-------- Dataset extract

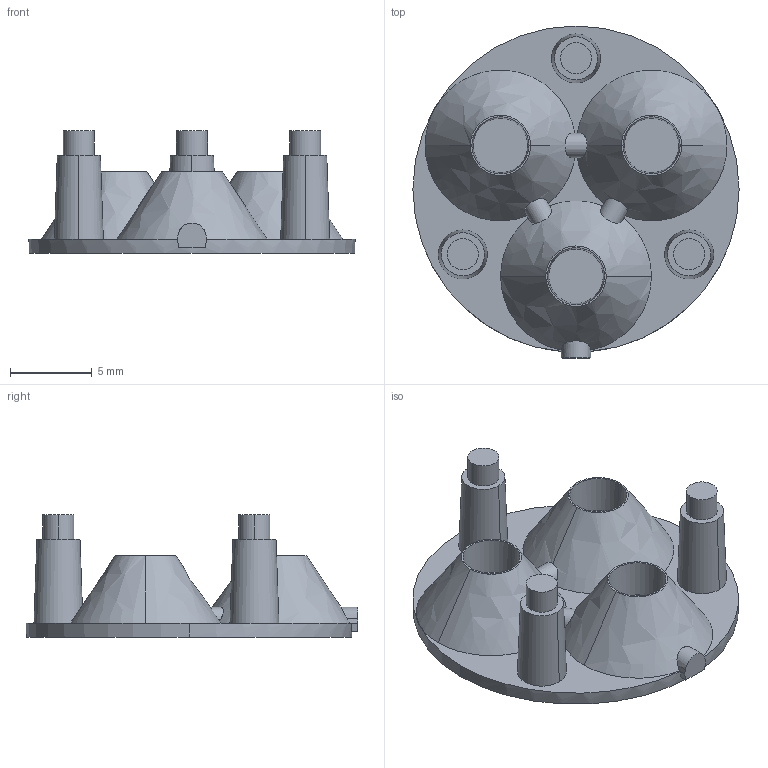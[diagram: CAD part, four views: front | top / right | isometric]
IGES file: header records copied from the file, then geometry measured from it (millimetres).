
Start section:  PTC IGES file: 10507_iss3_121108.igs
Global section: file name: 10507_iss3_121108.igs; native system: Pro/ENGINEER by Parametric Technology Corporation; preprocessor: 2008230; author: DenningtonA; organization: Unknown; date: 20081112.163241; units: millimetre
Bounding box: 19.97 x 20.33 x 7.5 mm (x, y, z)
Surface area: 1047.2 mm2 (no closed solid volume)
Topology: 0 solids, 0 shells, 57 faces, 272 edges, 272 vertices
Faces by surface type: revolution 30, bspline 27
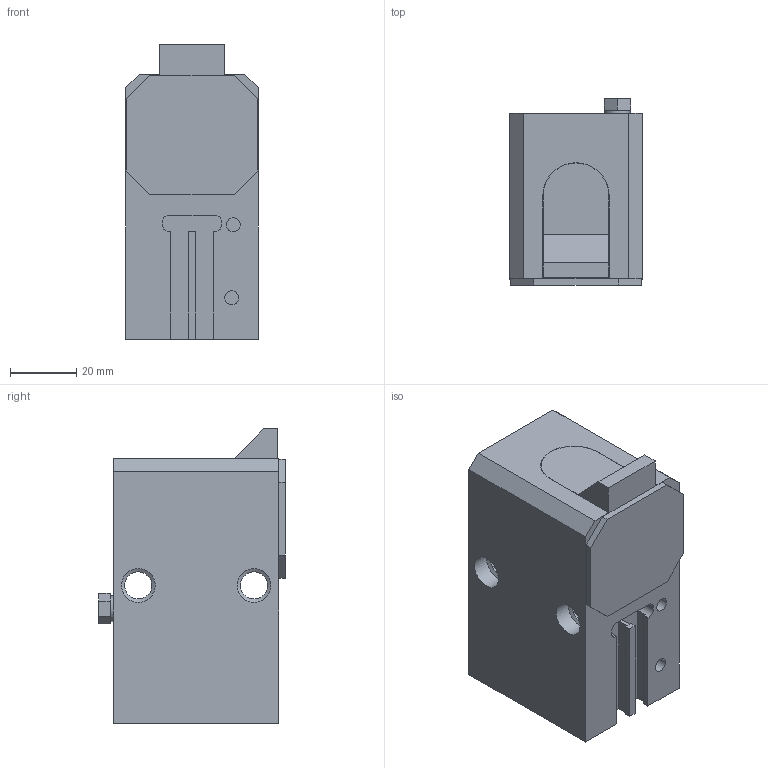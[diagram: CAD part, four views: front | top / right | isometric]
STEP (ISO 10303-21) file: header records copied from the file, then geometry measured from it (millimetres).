
FILE_DESCRIPTION(/* description */ ('Stopper SU-400-EW-09-E - Ersatzobjekt'),/* implementation_level */ '2;1');
FILE_NAME(/* name */ 'C:\Marketing\01_Versamove-SPU_STEP-Dateien-Homepage\Versamove plus\Stopper\K503011401_Stopper SU-400-EW-09.stp',/* time_stamp */ '2017-02-01T13:36:55+01:00',/* author */ ('herbert.engels'),/* organization */ (''),/* preprocessor_version */ 'ST-DEVELOPER v15.6',/* originating_system */ 'Autodesk Inventor 2015',/* authorisation */ '');
FILE_SCHEMA (('CONFIG_CONTROL_DESIGN'));
Length unit declared in the file: millimetre
Products named in the file (1): T-ENG556641
Bounding box: 40 x 56.5 x 89 mm (x, y, z)
Volume: 149862.5 mm3; surface area: 29665.7 mm2
Topology: 1 solids, 3 shells, 109 faces, 267 edges, 175 vertices
Faces by surface type: plane 72, cylinder 32, cone 5
Full cylindrical faces by diameter (mm): 2.5 x2, 4.2 x4, 5 x1, 5.2 x1, 7.8 x1, 8.2 x2, 10.2 x4, 19.95 x1, 24.8 x1, 35.92 x1, 36.05 x2, 38.05 x1
Entity records: 3198 total; most frequent: DIRECTION 524, CARTESIAN_POINT 514, ORIENTED_EDGE 470, EDGE_CURVE 235, AXIS2_PLACEMENT_3D 179, VERTEX_POINT 169, LINE 166, VECTOR 166
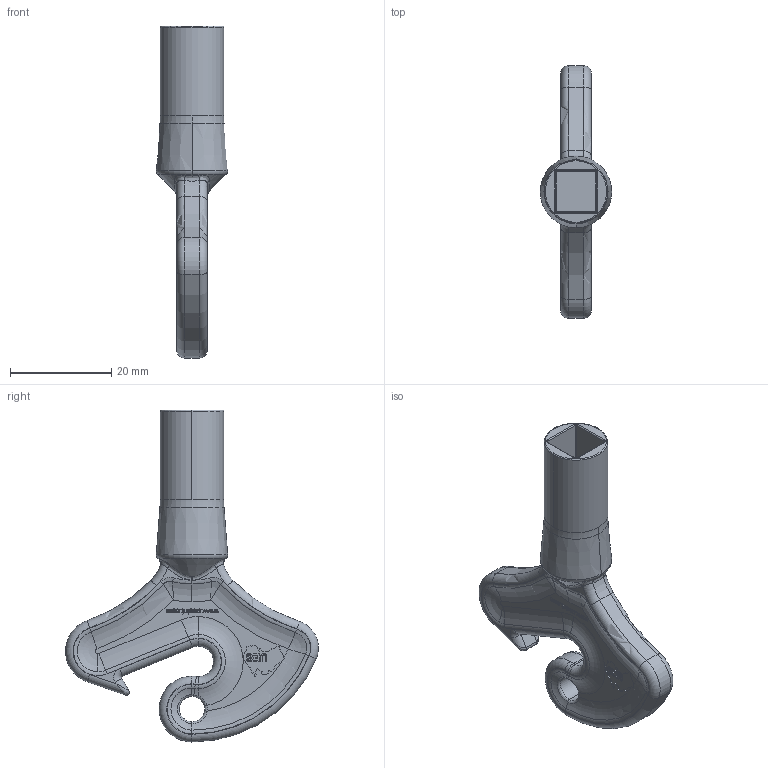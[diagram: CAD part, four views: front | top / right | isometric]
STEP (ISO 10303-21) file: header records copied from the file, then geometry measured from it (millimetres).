
FILE_DESCRIPTION (( 'STEP AP214' ), '1' );
FILE_NAME ('E3K8S.STEP', '2020-11-02T23:23:27', ( '' ), ( '' ), 'SwSTEP 2.0', 'SolidWorks 2018', '' );
FILE_SCHEMA (( 'AUTOMOTIVE_DESIGN' ));
Length unit declared in the file: millimetre
Products named in the file (1): E3K8S
Bounding box: 14.11 x 49.97 x 65.6 mm (x, y, z)
Volume: 8172.4 mm3; surface area: 4553 mm2
Topology: 1 solids, 1 shells, 486 faces, 1289 edges, 812 vertices
Faces by surface type: plane 232, bspline 122, torus 84, cylinder 40, cone 4, sphere 4
Entity records: 21341 total; most frequent: CARTESIAN_POINT 10048, ORIENTED_EDGE 2554, DIRECTION 1996, EDGE_CURVE 1277, VERTEX_POINT 812, VECTOR 748, LINE 748, AXIS2_PLACEMENT_3D 624
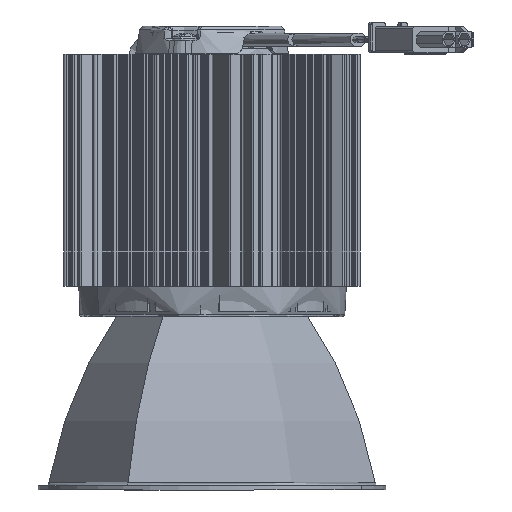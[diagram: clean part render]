
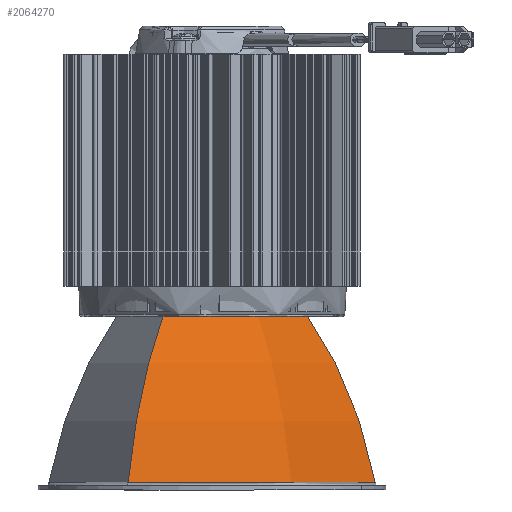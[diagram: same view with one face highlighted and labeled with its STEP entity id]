
A CAD part, left-side view. The second image highlights one B-rep face of the part: STEP entity #2064270.
In plain terms, the highlighted toroidal (fillet/blend) face has major radius 59.221 mm and minor radius 96 mm.
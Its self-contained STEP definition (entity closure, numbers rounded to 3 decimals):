
#2057430=CARTESIAN_POINT('',(-27.977,-21.371,
-42.312));
#2057440=VERTEX_POINT('',#2057430);
#2057630=CARTESIAN_POINT('',(27.992,21.384,
-42.312));
#2057640=VERTEX_POINT('',#2057630);
#2057670=CARTESIAN_POINT('',(0.007,0.006,
-42.312));
#2057680=DIRECTION('',(0.,0.,-1.));
#2057690=DIRECTION('',(-0.795,-0.607,
0.));
#2057700=AXIS2_PLACEMENT_3D('',#2057670,#2057680,#2057690);
#2057710=CIRCLE('',#2057700,35.215);
#2059390=CARTESIAN_POINT('',(-15.542,-11.872,
-4.722));
#2059400=VERTEX_POINT('',#2059390);
#2059430=CARTESIAN_POINT('',(0.007,0.006,
-4.722));
#2059440=DIRECTION('',(0.,0.,-1.));
#2059450=DIRECTION('',(-0.795,-0.607,
0.));
#2059460=AXIS2_PLACEMENT_3D('',#2059430,#2059440,#2059450);
#2059470=CIRCLE('',#2059460,19.567);
#2059480=CARTESIAN_POINT('',(15.557,11.885,
-4.722));
#2059490=VERTEX_POINT('',#2059480);
#2060300=EDGE_CURVE('',#2059490,#2059400,#2059470,.T.);
#2060540=EDGE_CURVE('',#2057640,#2057440,#2057710,.T.);
#2063970=CARTESIAN_POINT('',(47.068,35.956,
-59.571));
#2063980=DIRECTION('',(-0.607,0.795,
0.));
#2063990=DIRECTION('',(-0.795,-0.607,
0.));
#2064000=AXIS2_PLACEMENT_3D('',#2063970,#2063980,#2063990);
#2064010=CIRCLE('',#2064000,96.);
#2064020=EDGE_CURVE('',#2057440,#2059400,#2064010,.T.);
#2064050=CARTESIAN_POINT('',(-47.053,-35.943,
-59.571));
#2064060=DIRECTION('',(0.607,-0.795,
0.));
#2064070=DIRECTION('',(0.795,0.607,
0.));
#2064080=AXIS2_PLACEMENT_3D('',#2064050,#2064060,#2064070);
#2064090=CIRCLE('',#2064080,96.);
#2064100=EDGE_CURVE('',#2057640,#2059490,#2064090,.T.);
#2064160=CARTESIAN_POINT('',(0.007,0.006,
-59.571));
#2064170=DIRECTION('',(0.,0.,-1.));
#2064180=DIRECTION('',(0.795,0.607,
0.));
#2064190=AXIS2_PLACEMENT_3D('',#2064160,#2064170,#2064180);
#2064200=DEGENERATE_TOROIDAL_SURFACE('',#2064190,59.221,96.,
.F.);
#2064210=ORIENTED_EDGE('',*,*,#2060540,.F.);
#2064220=ORIENTED_EDGE('',*,*,#2064020,.F.);
#2064230=ORIENTED_EDGE('',*,*,#2060300,.T.);
#2064240=ORIENTED_EDGE('',*,*,#2064100,.T.);
#2064250=EDGE_LOOP('',(#2064240,#2064230,#2064220,#2064210));
#2064260=FACE_OUTER_BOUND('',#2064250,.T.);
#2064270=ADVANCED_FACE('',(#2064260),#2064200,.F.);

----------------

- Your task -
Copy each line of the listing exactly, skipping any picture.

- Answer to this task -
[diagram: CAD part, four views: front | top / right | isometric]
IGES file: header records copied from the file, then geometry measured from it (millimetres).
Start section:  PTC IGES file: 10507_iss3_121108.igs
Global section: file name: 10507_iss3_121108.igs; native system: Pro/ENGINEER by Parametric Technology Corporation; preprocessor: 2008230; author: DenningtonA; organization: Unknown; date: 20081112.163241; units: millimetre
Bounding box: 19.97 x 20.33 x 7.5 mm (x, y, z)
Surface area: 1047.2 mm2 (no closed solid volume)
Topology: 0 solids, 0 shells, 57 faces, 272 edges, 272 vertices
Faces by surface type: revolution 30, bspline 27
[diagram: CAD part, four views: front | top / right | isometric]
STEP (ISO 10303-21) file: header records copied from the file, then geometry measured from it (millimetres).
FILE_DESCRIPTION(/* description */ ('Stopper SU-400-EW-09-E - Ersatzobjekt'),/* implementation_level */ '2;1');
FILE_NAME(/* name */ 'C:\Marketing\01_Versamove-SPU_STEP-Dateien-Homepage\Versamove plus\Stopper\K503011401_Stopper SU-400-EW-09.stp',/* time_stamp */ '2017-02-01T13:36:55+01:00',/* author */ ('herbert.engels'),/* organization */ (''),/* preprocessor_version */ 'ST-DEVELOPER v15.6',/* originating_system */ 'Autodesk Inventor 2015',/* authorisation */ '');
FILE_SCHEMA (('CONFIG_CONTROL_DESIGN'));
Length unit declared in the file: millimetre
Products named in the file (1): T-ENG556641
Bounding box: 40 x 56.5 x 89 mm (x, y, z)
Volume: 149862.5 mm3; surface area: 29665.7 mm2
Topology: 1 solids, 3 shells, 109 faces, 267 edges, 175 vertices
Faces by surface type: plane 72, cylinder 32, cone 5
Full cylindrical faces by diameter (mm): 2.5 x2, 4.2 x4, 5 x1, 5.2 x1, 7.8 x1, 8.2 x2, 10.2 x4, 19.95 x1, 24.8 x1, 35.92 x1, 36.05 x2, 38.05 x1
Entity records: 3198 total; most frequent: DIRECTION 524, CARTESIAN_POINT 514, ORIENTED_EDGE 470, EDGE_CURVE 235, AXIS2_PLACEMENT_3D 179, VERTEX_POINT 169, LINE 166, VECTOR 166
[diagram: CAD part, four views: front | top / right | isometric]
STEP (ISO 10303-21) file: header records copied from the file, then geometry measured from it (millimetres).
FILE_DESCRIPTION (( 'STEP AP214' ), '1' );
FILE_NAME ('E3K8S.STEP', '2020-11-02T23:23:27', ( '' ), ( '' ), 'SwSTEP 2.0', 'SolidWorks 2018', '' );
FILE_SCHEMA (( 'AUTOMOTIVE_DESIGN' ));
Length unit declared in the file: millimetre
Products named in the file (1): E3K8S
Bounding box: 14.11 x 49.97 x 65.6 mm (x, y, z)
Volume: 8172.4 mm3; surface area: 4553 mm2
Topology: 1 solids, 1 shells, 486 faces, 1289 edges, 812 vertices
Faces by surface type: plane 232, bspline 122, torus 84, cylinder 40, cone 4, sphere 4
Entity records: 21341 total; most frequent: CARTESIAN_POINT 10048, ORIENTED_EDGE 2554, DIRECTION 1996, EDGE_CURVE 1277, VERTEX_POINT 812, VECTOR 748, LINE 748, AXIS2_PLACEMENT_3D 624
[diagram: clean part render]
[diagram: same view with one face highlighted and labeled with its STEP entity id]
A CAD part, left-side view. The second image highlights one B-rep face of the part: STEP entity #2064270.
In plain terms, the highlighted toroidal (fillet/blend) face has major radius 59.221 mm and minor radius 96 mm.
Its self-contained STEP definition (entity closure, numbers rounded to 3 decimals):
#2057430=CARTESIAN_POINT('',(-27.977,-21.371,
-42.312));
#2057440=VERTEX_POINT('',#2057430);
#2057630=CARTESIAN_POINT('',(27.992,21.384,
-42.312));
#2057640=VERTEX_POINT('',#2057630);
#2057670=CARTESIAN_POINT('',(0.007,0.006,
-42.312));
#2057680=DIRECTION('',(0.,0.,-1.));
#2057690=DIRECTION('',(-0.795,-0.607,
0.));
#2057700=AXIS2_PLACEMENT_3D('',#2057670,#2057680,#2057690);
#2057710=CIRCLE('',#2057700,35.215);
#2059390=CARTESIAN_POINT('',(-15.542,-11.872,
-4.722));
#2059400=VERTEX_POINT('',#2059390);
#2059430=CARTESIAN_POINT('',(0.007,0.006,
-4.722));
#2059440=DIRECTION('',(0.,0.,-1.));
#2059450=DIRECTION('',(-0.795,-0.607,
0.));
#2059460=AXIS2_PLACEMENT_3D('',#2059430,#2059440,#2059450);
#2059470=CIRCLE('',#2059460,19.567);
#2059480=CARTESIAN_POINT('',(15.557,11.885,
-4.722));
#2059490=VERTEX_POINT('',#2059480);
#2060300=EDGE_CURVE('',#2059490,#2059400,#2059470,.T.);
#2060540=EDGE_CURVE('',#2057640,#2057440,#2057710,.T.);
#2063970=CARTESIAN_POINT('',(47.068,35.956,
-59.571));
#2063980=DIRECTION('',(-0.607,0.795,
0.));
#2063990=DIRECTION('',(-0.795,-0.607,
0.));
#2064000=AXIS2_PLACEMENT_3D('',#2063970,#2063980,#2063990);
#2064010=CIRCLE('',#2064000,96.);
#2064020=EDGE_CURVE('',#2057440,#2059400,#2064010,.T.);
#2064050=CARTESIAN_POINT('',(-47.053,-35.943,
-59.571));
#2064060=DIRECTION('',(0.607,-0.795,
0.));
#2064070=DIRECTION('',(0.795,0.607,
0.));
#2064080=AXIS2_PLACEMENT_3D('',#2064050,#2064060,#2064070);
#2064090=CIRCLE('',#2064080,96.);
#2064100=EDGE_CURVE('',#2057640,#2059490,#2064090,.T.);
#2064160=CARTESIAN_POINT('',(0.007,0.006,
-59.571));
#2064170=DIRECTION('',(0.,0.,-1.));
#2064180=DIRECTION('',(0.795,0.607,
0.));
#2064190=AXIS2_PLACEMENT_3D('',#2064160,#2064170,#2064180);
#2064200=DEGENERATE_TOROIDAL_SURFACE('',#2064190,59.221,96.,
.F.);
#2064210=ORIENTED_EDGE('',*,*,#2060540,.F.);
#2064220=ORIENTED_EDGE('',*,*,#2064020,.F.);
#2064230=ORIENTED_EDGE('',*,*,#2060300,.T.);
#2064240=ORIENTED_EDGE('',*,*,#2064100,.T.);
#2064250=EDGE_LOOP('',(#2064240,#2064230,#2064220,#2064210));
#2064260=FACE_OUTER_BOUND('',#2064250,.T.);
#2064270=ADVANCED_FACE('',(#2064260),#2064200,.F.);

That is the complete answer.